Laughter is good medicine
When we're feeling low, nothing beats a pick-me-up. A well-timed joke from a friend or laughing through a comedy film featuring funny men Adam Sandler or Vince Vaughn always seems to work.
Laughing out loud is good for both our emotional well-being and our physical health.
Research shows that laughter provides a safety valve that shuts off the flow of stress hormones and the fight-or-flight compounds that come into action in times of stress or anger. Since stress is
one of the culprits that lowers our immune system and raises blood pressure, we should be laughing more often.
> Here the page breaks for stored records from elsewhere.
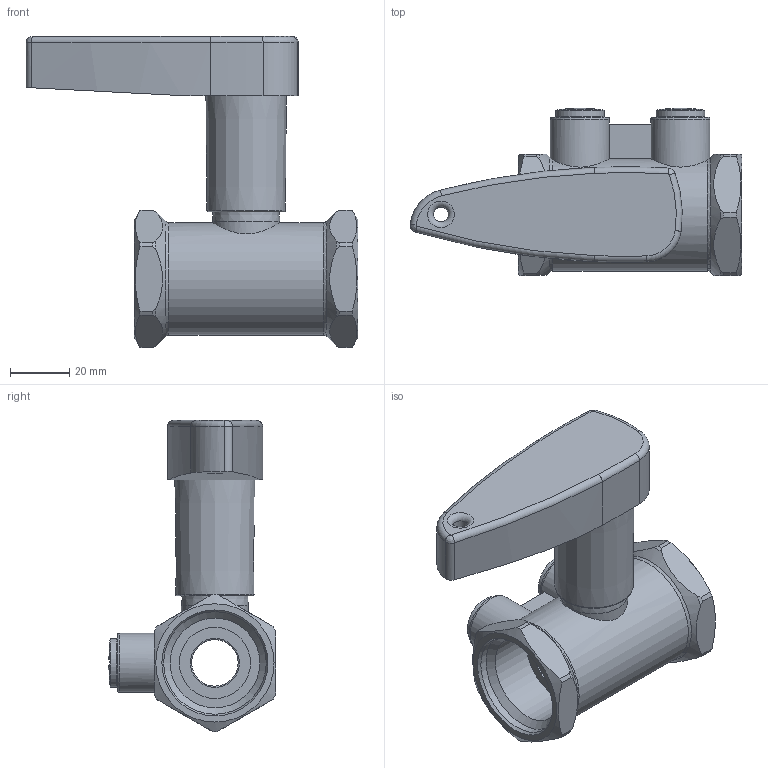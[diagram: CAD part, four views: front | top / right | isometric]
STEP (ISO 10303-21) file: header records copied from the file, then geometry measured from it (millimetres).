
FILE_DESCRIPTION(/* description */ (''),/* implementation_level */ '2;1');
FILE_NAME(/* name */ '\\dataserver\data\Nexus Valves\Inventor\2021_NexusValves Cad\3_Relax\nexus_relax_dn25.stp',/* time_stamp */ '2021-09-03T11:22:22+02:00',/* author */ ('kasius'),/* organization */ (''),/* preprocessor_version */ 'ST-DEVELOPER v17',/* originating_system */ 'Autodesk Inventor 2018',/* authorisation */ '');
FILE_SCHEMA (('AUTOMOTIVE_DESIGN { 1 0 10303 214 3 1 1 }'));
Length unit declared in the file: millimetre
Products named in the file (1): nexus_vertex_dn25
Bounding box: 112.22 x 56.5 x 105.21 mm (x, y, z)
Volume: 131995.4 mm3; surface area: 33067.8 mm2
Topology: 3 solids, 3 shells, 135 faces, 388 edges, 269 vertices
Faces by surface type: cylinder 41, plane 40, cone 29, torus 17, bspline 8
Full cylindrical faces by diameter (mm): 4.995 x1, 15.7 x1, 16.5 x3, 17 x3, 20 x2, 22.711 x1, 24.063 x1, 24.8 x1, 30.3 x2, 34.7 x2
Entity records: 5013 total; most frequent: CARTESIAN_POINT 1430, ORIENTED_EDGE 776, DIRECTION 766, EDGE_CURVE 388, AXIS2_PLACEMENT_3D 349, VERTEX_POINT 269, CIRCLE 216, EDGE_LOOP 149

Laughing also delivers an unexpected workout: A repeated giggle, a hearty belly laugh or laughing yourself to tears exercises your diaphragm and abdominals while raising your heart rate and
providing an aerobic benefit.
Benefits of combining laughter and yoga
Laughter therapy has found its way to the yoga mat with Laughter Yoga – a series of exercises intended to bring more oxygen into your lungs and give your internal organs a massage. Teachers
of this light-hearted form of yoga say laughter even detoxifies the body. When you laugh, you're breathing deeply and the stale oxygen deep in your lungs is expelled.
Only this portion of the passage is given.